** Opening PROVIDED ENTRIES block **
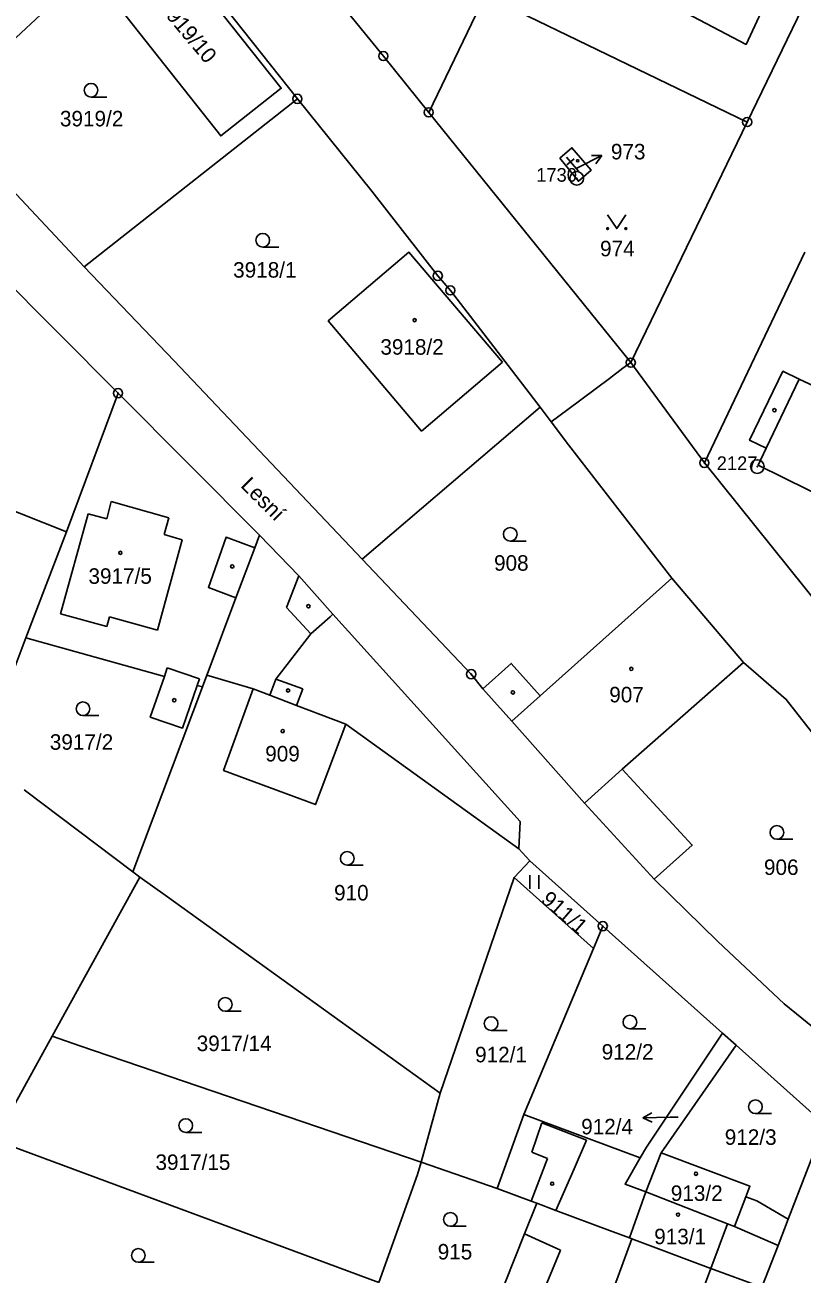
# Model space of a CAD drawing. Extents: x -644096 to -634268, y -1141430 to -1133463.
# Drawn here: x -639704.3 to -639619.1, y -1137699.9 to -1137562.9 of the extents above; entities that cross this region are included whole.
import ezdxf

# ---------------------------------------------------------------- set-up
doc = ezdxf.new("R2010")
doc.units = 0
for name, color, linetype in [('_CIVIL_CONSTRUCTION', 7, 'Continuous'), ('M_Svah_Nasyp', 7, 'Continuous'), ('M_Svah_Zarez', 7, 'Continuous'), ('spodek_zarez', 7, 'Continuous'), ('svrsek_osa_sjezdy', 7, 'Continuous'), ('svrsek_osa_terminal_VRT', 7, 'Continuous'), ('svrsek_osa_VRT', 7, 'Continuous'), ('svrsek_popisy_VRT', 7, 'Continuous'), ('terminal_VRT', 7, 'Continuous')]:
    doc.layers.add(name, color=color, linetype=linetype)

msp = doc.modelspace()

# ---------------------------------------------------------------- linework, layer by layer
at = {"layer": '_CIVIL_CONSTRUCTION'}
for centre, radius in [((-639665.01, -1137566.34), 0.5), ((-639665.01, -1137566.34), 0.0303), ((-639674.44, -1137571.03), 0.5), ((-639674.44, -1137571.03), 0.0303), ((-639660.03, -1137572.51), 0.5), ((-639660.03, -1137572.51), 0.0303), ((-639625.1, -1137573.57), 0.5), ((-639625.1, -1137573.57), 0.0303), ((-639643.79, -1137579.75), 0.75), ((-639643.79, -1137579.75), 0.03), ((-639659.04, -1137590.44), 0.5), ((-639659.04, -1137590.44), 0.0303), ((-639657.66, -1137592.04), 0.5), ((-639657.66, -1137592.04), 0.0303), ((-639637.87, -1137599.96), 0.5), ((-639637.87, -1137599.96), 0.0303), ((-639694.11, -1137603.31), 0.5), ((-639694.11, -1137603.31), 0.0303), ((-639629.8, -1137610.95), 0.5), ((-639629.8, -1137610.95), 0.0303), ((-639623.99, -1137611.36), 0.75), ((-639623.99, -1137611.36), 0.03), ((-639655.38, -1137634.13), 0.5), ((-639655.38, -1137634.13), 0.0303), ((-639640.94, -1137661.77), 0.5), ((-639640.94, -1137661.77), 0.0303)]:
    msp.add_circle(centre, radius, dxfattribs=at)
at = {"layer": 'M_Svah_Nasyp'}
for p, q in [((-639623.02, -1137609.34), (-639619.39, -1137601.76)), ((-639694.86, -1137615.2), (-639695.36, -1137617.08)), ((-639694.86, -1137615.2), (-639688.54, -1137616.98)), ((-639700.42, -1137627.5), (-639697.41, -1137616.54)), ((-639695.36, -1137617.08), (-639697.41, -1137616.54)), ((-639689.07, -1137618.8), (-639688.54, -1137616.98)), ((-639687.09, -1137619.38), (-639689.79, -1137629.29)), ((-639687.09, -1137619.38), (-639689.07, -1137618.8)), ((-639674.28, -1137623.36), (-639675.63, -1137626.83)), ((-639695.35, -1137628.9), (-639700.42, -1137627.5)), ((-639695.06, -1137627.84), (-639695.35, -1137628.9)), ((-639689.79, -1137629.29), (-639695.06, -1137627.84)), ((-639675.63, -1137626.83), (-639672.97, -1137629.71)), ((-639672.97, -1137629.71), (-639670.85, -1137627.83)), ((-639670.85, -1137627.83), (-639670.55, -1137627.56)), ((-639672.97, -1137629.71), (-639676.79, -1137634.66)), ((-639689.03, -1137634.37), (-639688.71, -1137633.44)), ((-639688.71, -1137633.44), (-639685.17, -1137634.64)), ((-639685.42, -1137635.37), (-639685.17, -1137634.64)), ((-639677.47, -1137636.44), (-639676.79, -1137634.66)), ((-639676.79, -1137634.66), (-639673.85, -1137635.75)), ((-639677.47, -1137636.44), (-639679.29, -1137635.75)), ((-639673.85, -1137635.75), (-639674.54, -1137637.56)), ((-639674.54, -1137637.56), (-639677.47, -1137636.44)), ((-639650.91, -1137639.27), (-639647.8, -1137636.52)), ((-639669.12, -1137639.62), (-639674.54, -1137637.56)), ((-639642.94, -1137648.26), (-639638.8, -1137644.55)), ((-639648.72, -1137686.57), (-639647.64, -1137683.33)), ((-639647.64, -1137683.33), (-639642.71, -1137685.24)), ((-639642.71, -1137685.24), (-639644.08, -1137688.39)), ((-639647.01, -1137687.24), (-639648.72, -1137686.57)), ((-639648.79, -1137691.94), (-639647.01, -1137687.24)), ((-639644.08, -1137688.39), (-639646.09, -1137692.94)), ((-639638.02, -1137695.95), (-639636.23, -1137690.91)), ((-639626.51, -1137694.72), (-639625.25, -1137691.45)), ((-639629.08, -1137699.33), (-639627.25, -1137694.43)), ((-639649.52, -1137695.52), (-639645.58, -1137697.29)), ((-639639.64, -1137701.26), (-639637.74, -1137696.06)), ((-639645.58, -1137697.29), (-639648.7, -1137704.87)), ((-639631.06, -1137704.54), (-639629.08, -1137699.33))]:
    msp.add_line(p, q, dxfattribs=at)
msp.add_lwpolyline([(-639679.12, -1137620.28), (-639682.26, -1137619.11), (-639684.2, -1137624.62), (-639681.18, -1137625.75)], dxfattribs=at)
at = {"layer": 'M_Svah_Zarez'}
for p, q in [((-639644.91, -1137577.41), (-639643.62, -1137578.95)), ((-639644.87, -1137578.25), (-639644.09, -1137577.6))]:
    msp.add_line(p, q, dxfattribs=at)
for centre, radius in [((-639643.69, -1137577.82), 0.117), ((-639661.58, -1137595.3), 0.175), ((-639622.11, -1137605.18), 0.175), ((-639693.86, -1137620.82), 0.175), ((-639681.59, -1137622.31), 0.175), ((-639673.23, -1137626.68), 0.175), ((-639637.81, -1137633.55), 0.175), ((-639675.46, -1137635.92), 0.175), ((-639650.8, -1137636.13), 0.175), ((-639687.95, -1137636.99), 0.175), ((-639676.05, -1137640.37), 0.175), ((-639630.72, -1137688.92), 0.175), ((-639646.49, -1137690.01), 0.175), ((-639632.69, -1137693.4), 0.175)]:
    msp.add_circle(centre, radius, dxfattribs=at)
at = {"layer": 'spodek_zarez'}
msp.add_circle((-638683.07, -1137056.85), 1378.08, dxfattribs=at)
at = {"layer": 'svrsek_osa_sjezdy'}
for p, q in [((-639697.08, -1137570.83), (-639695.33, -1137570.83)), ((-639678.24, -1137587.29), (-639676.49, -1137587.29)), ((-639651.1, -1137619.54), (-639649.35, -1137619.54)), ((-639697.96, -1137638.67), (-639696.21, -1137638.67)), ((-639621.84, -1137652.23), (-639620.09, -1137652.23)), ((-639668.98, -1137655.08), (-639667.23, -1137655.08)), ((-639648.96, -1137657.66), (-639648.96, -1137656.16)), ((-639647.96, -1137657.66), (-639647.96, -1137656.16)), ((-639682.36, -1137671.1), (-639680.61, -1137671.1)), ((-639637.96, -1137673.03), (-639636.21, -1137673.03)), ((-639653.19, -1137673.2), (-639651.44, -1137673.2)), ((-639624.19, -1137682.33), (-639622.44, -1137682.33)), ((-639686.69, -1137684.38), (-639684.94, -1137684.38)), ((-639657.66, -1137694.68), (-639655.91, -1137694.68)), ((-639691.89, -1137698.63), (-639690.14, -1137698.63))]:
    msp.add_line(p, q, dxfattribs=at)
msp.add_lwpolyline([(-639640.41, -1137583.76), (-639639.41, -1137585.26), (-639638.41, -1137583.76)], dxfattribs=at)
for centre, radius in [((-639697.08, -1137570.08), 0.75), ((-639640.41, -1137585.26), 0.1), ((-639638.41, -1137585.26), 0.1), ((-639678.24, -1137586.54), 0.75), ((-639651.1, -1137618.79), 0.75), ((-639697.96, -1137637.92), 0.75), ((-639621.84, -1137651.48), 0.75), ((-639668.98, -1137654.33), 0.75), ((-639682.36, -1137670.35), 0.75), ((-639653.19, -1137672.45), 0.75), ((-639637.96, -1137672.28), 0.75), ((-639624.19, -1137681.58), 0.75), ((-639686.69, -1137683.63), 0.75), ((-639657.66, -1137693.93), 0.75), ((-639691.89, -1137697.88), 0.75)]:
    msp.add_circle(centre, radius, dxfattribs=at)
at = {"layer": 'svrsek_osa_terminal_VRT'}
msp.add_arc((-642050.26, -1145189.6), 8802.25, 41.413152, 75.317049, dxfattribs=at)
at = {"layer": 'svrsek_popisy_VRT'}
for p, q in [((-639643.72, -1137578.6), (-639641.05, -1137577.24)), ((-639641.05, -1137577.24), (-639642.17, -1137577.25)), ((-639641.05, -1137577.24), (-639641.71, -1137578.14)), ((-639643.79, -1137578.64), (-639643.72, -1137578.6)), ((-639636.55, -1137682.77), (-639635.56, -1137682.25)), ((-639633.55, -1137682.72), (-639636.55, -1137682.77)), ((-639636.55, -1137682.77), (-639635.54, -1137683.26)), ((-639632.67, -1137682.7), (-639633.55, -1137682.72))]:
    msp.add_line(p, q, dxfattribs=at)
at = {"layer": 'terminal_VRT'}
for p, q in [((-639674.44, -1137571.03), (-639689.85, -1137551.6)), ((-639697.27, -1137556.82), (-639711.81, -1137570.36)), ((-639653.84, -1137559.69), (-639660.03, -1137572.51)), ((-639625.1, -1137573.57), (-639653.84, -1137559.69)), ((-639674.44, -1137571.03), (-639697.83, -1137589.44)), ((-639697.83, -1137589.44), (-639713.95, -1137572.35)), ((-639660.03, -1137572.51), (-639637.87, -1137599.96)), ((-639637.87, -1137599.96), (-639625.1, -1137573.57)), ((-639694.11, -1137603.31), (-639714.52, -1137582.83)), ((-639618.78, -1137587.84), (-639629.8, -1137610.95)), ((-639637.87, -1137599.96), (-639629.8, -1137610.95)), ((-639694.11, -1137603.31), (-639699.78, -1137618.52)), ((-639678.59, -1137618.88), (-639694.11, -1137603.31)), ((-639647.81, -1137604.86), (-639667.32, -1137621.53)), ((-639646.62, -1137606.47), (-639647.81, -1137604.86)), ((-639726.07, -1137608.1), (-639699.78, -1137618.52)), ((-639629.8, -1137610.95), (-639616.79, -1137627.11)), ((-639699.78, -1137618.52), (-639704.23, -1137630.13)), ((-639625.51, -1137632.86), (-639633.37, -1137623.61)), ((-639704.23, -1137630.13), (-639709.18, -1137643.26)), ((-639689.03, -1137634.37), (-639704.23, -1137630.13)), ((-639684.38, -1137634.25), (-639684.86, -1137635.53)), ((-639684.86, -1137635.53), (-639692.51, -1137655.81)), ((-639692.51, -1137655.81), (-639704.42, -1137646.82)), ((-639648.96, -1137654.6), (-639650.16, -1137653.29)), ((-639650.65, -1137656.43), (-639648.96, -1137654.6)), ((-639640.94, -1137661.77), (-639648.96, -1137654.6)), ((-639701.34, -1137673.84), (-639691.71, -1137656.39)), ((-639692.51, -1137655.81), (-639691.71, -1137656.39)), ((-639658.77, -1137680.1), (-639650.65, -1137656.43)), ((-639650.65, -1137656.43), (-639641.96, -1137664.2)), ((-639641.96, -1137664.2), (-639640.94, -1137661.77)), ((-639640.94, -1137661.77), (-639627.81, -1137673.5)), ((-639649.62, -1137682.42), (-639641.96, -1137664.2)), ((-639707.63, -1137685.24), (-639701.34, -1137673.84)), ((-639626.32, -1137674.83), (-639627.81, -1137673.5)), ((-639626.32, -1137674.83), (-639634.55, -1137686.63)), ((-639626.32, -1137674.83), (-639616.59, -1137683.53)), ((-639658.77, -1137680.1), (-639660.88, -1137687.66)), ((-639652.51, -1137690.55), (-639649.62, -1137682.42)), ((-639649.62, -1137682.42), (-639636.83, -1137687.16)), ((-639620.59, -1137693.89), (-639616.59, -1137683.53)), ((-639636.23, -1137690.91), (-639634.55, -1137686.63)), ((-639660.88, -1137687.66), (-639652.51, -1137690.55)), ((-639621.71, -1137696.78), (-639626.51, -1137694.72)), ((-639621.71, -1137696.78), (-639620.59, -1137693.89)), ((-639623.48, -1137701.37), (-639621.71, -1137696.78))]:
    msp.add_line(p, q, dxfattribs=at)
for points in [[(-639660.03, -1137572.51), (-639665.01, -1137566.34), (-639677.7, -1137550.78)], [(-639690.38, -1137552.03), (-639676.22, -1137569.87), (-639682.85, -1137575.1), (-639697.27, -1137556.82)], [(-639628.05, -1137552.91), (-639623.29, -1137555.51), (-639624.52, -1137557.89), (-639622.4, -1137558.98), (-639625.23, -1137565.06), (-639633.97, -1137560.46)], [(-639616.01, -1137554.73), (-639616.27, -1137555.27), (-639624.06, -1137571.41), (-639625.1, -1137573.57)], [(-639647.81, -1137604.86), (-639653.64, -1137597.27), (-639657.66, -1137592.04), (-639659.04, -1137590.44), (-639666.27, -1137581.14), (-639674.44, -1137571.03)], [(-639645.65, -1137577.53), (-639643.61, -1137580.07), (-639642.2, -1137578.84), (-639644.33, -1137576.39), (-639645.65, -1137577.53)], [(-639651.93, -1137599.92), (-639660.81, -1137607.46), (-639671.06, -1137595.38), (-639662.2, -1137587.86), (-639651.93, -1137599.92)], [(-639697.83, -1137589.44), (-639687.96, -1137599.76), (-639667.32, -1137621.53)], [(-639637.87, -1137599.96), (-639638.74, -1137600.57), (-639640.22, -1137601.71), (-639644.77, -1137605.09), (-639646.62, -1137606.47)], [(-639619.39, -1137601.76), (-639608.29, -1137606.96), (-639612.86, -1137616.66), (-639623.9, -1137611.22), (-639623.02, -1137609.34), (-639624.83, -1137608.47), (-639621.19, -1137600.9), (-639619.39, -1137601.76)], [(-639633.37, -1137623.61), (-639644.72, -1137608.96), (-639646.62, -1137606.47)], [(-639684.38, -1137634.25), (-639684.24, -1137633.87), (-639681.18, -1137625.75), (-639679.12, -1137620.28), (-639678.59, -1137618.88)], [(-639678.59, -1137618.88), (-639674.28, -1137623.36), (-639670.55, -1137627.56), (-639650.02, -1137650.29), (-639650.16, -1137653.29)], [(-639667.32, -1137621.53), (-639655.38, -1137634.13), (-639654.1, -1137635.72)], [(-639633.37, -1137623.61), (-639647.8, -1137636.52), (-639650.99, -1137632.95), (-639654.1, -1137635.72)], [(-639625.51, -1137632.86), (-639638.8, -1137644.55), (-639631.13, -1137652.88), (-639635.3, -1137656.63)], [(-639604.76, -1137657.37), (-639620.82, -1137636.89), (-639625.51, -1137632.86)], [(-639684.86, -1137635.53), (-639685.42, -1137635.37), (-639687.06, -1137640.04), (-639690.59, -1137638.84), (-639689.03, -1137634.37)], [(-639684.38, -1137634.25), (-639679.29, -1137635.75), (-639682.53, -1137644.69), (-639672.45, -1137648.43), (-639669.12, -1137639.62), (-639650.16, -1137653.29)], [(-639654.1, -1137635.72), (-639650.91, -1137639.27), (-639642.94, -1137648.26), (-639635.3, -1137656.63)], [(-639691.71, -1137656.39), (-639688.95, -1137658.38), (-639658.77, -1137680.1)], [(-639635.3, -1137656.63), (-639628.31, -1137663.46), (-639621.04, -1137670.28), (-639613.29, -1137676.59)], [(-639701.34, -1137673.84), (-639698.31, -1137674.88), (-639660.88, -1137687.66)], [(-639636.83, -1137687.16), (-639636.16, -1137686), (-639627.81, -1137673.5)], [(-639707.63, -1137685.24), (-639704.65, -1137686.35), (-639665.51, -1137700.85)], [(-639634.55, -1137686.63), (-639624.81, -1137690.3), (-639625.25, -1137691.45), (-639624.04, -1137691.9), (-639620.59, -1137693.89)], [(-639660.88, -1137687.66), (-639661.26, -1137689.02), (-639665.51, -1137700.85)], [(-639636.83, -1137687.16), (-639638.5, -1137690.08), (-639636.23, -1137690.91)], [(-639648.18, -1137692.16), (-639648.79, -1137691.94), (-639652.51, -1137690.55)], [(-639626.51, -1137694.72), (-639627.25, -1137694.43), (-639636.23, -1137690.91)], [(-639648.18, -1137692.16), (-639649.52, -1137695.52), (-639652.71, -1137703.53), (-639653.52, -1137705.57)], [(-639623.48, -1137701.37), (-639629.08, -1137699.33), (-639637.74, -1137696.06), (-639638.02, -1137695.95), (-639640.22, -1137695.13), (-639646.09, -1137692.94), (-639648.18, -1137692.16)]]:
    msp.add_lwpolyline(points, dxfattribs=at)

# ---------------------------------------------------------------- texts
at = {"layer": '_CIVIL_CONSTRUCTION'}
for s, p in [('1730', (-639648.24, -1137580.12)), ('2127', (-639628.44, -1137611.74))]:
    msp.add_text(s, height=1.5, dxfattribs=at).set_placement(p)
at = {"layer": 'svrsek_osa_VRT'}
for s, rotation, p in [('3919/10', 310, (-639689.74, -1137560.98)), ('911/1', 319, (-639647.84, -1137659.05))]:
    msp.add_text(s, height=1.7, rotation=rotation, dxfattribs=at).set_placement(p)
for s, p in [('3919/2', (-639700.49, -1137574.05)), ('973', (-639640.05, -1137577.67)), ('974', (-639641.24, -1137588.3)), ('3918/1', (-639681.49, -1137590.64)), ('3918/2', (-639665.34, -1137599.09)), ('908', (-639652.87, -1137622.78)), ('3917/5', (-639697.36, -1137624.22)), ('907', (-639640.23, -1137637.22)), ('3917/2', (-639701.6, -1137642.42)), ('909', (-639677.97, -1137643.7)), ('906', (-639623.26, -1137656.15)), ('910', (-639670.42, -1137658.95)), ('3917/14', (-639685.49, -1137675.47)), ('912/1', (-639654.95, -1137676.7)), ('912/2', (-639641.06, -1137676.4)), ('912/4', (-639643.31, -1137684.6)), ('912/3', (-639627.56, -1137685.75)), ('3917/15', (-639690.01, -1137688.5)), ('913/2', (-639633.48, -1137691.9)), ('913/1', (-639635.3, -1137696.65)), ('915', (-639659.05, -1137698.32))]:
    msp.add_text(s, height=1.7, dxfattribs=at).set_placement(p)
at = {"layer": 'svrsek_popisy_VRT'}
msp.add_text('Lesní', height=1.7, rotation=315, dxfattribs=at).set_placement((-639680.76, -1137613.54))

doc.saveas('drawing.dxf')
** Closing PROVIDED ENTRIES block **
▶ **TASK TO CARRY OUT**:
Lines with "rotation": copy every one of them from the listing above.

▶ **WRITTEN ANSWER**:
for s, rotation, p in [('3919/10', 310, (-639689.74, -1137560.98)), ('911/1', 319, (-639647.84, -1137659.05))]:
    msp.add_text(s, height=1.7, rotation=rotation, dxfattribs=at).set_placement(p)
msp.add_text('Lesní', height=1.7, rotation=315, dxfattribs=at).set_placement((-639680.76, -1137613.54))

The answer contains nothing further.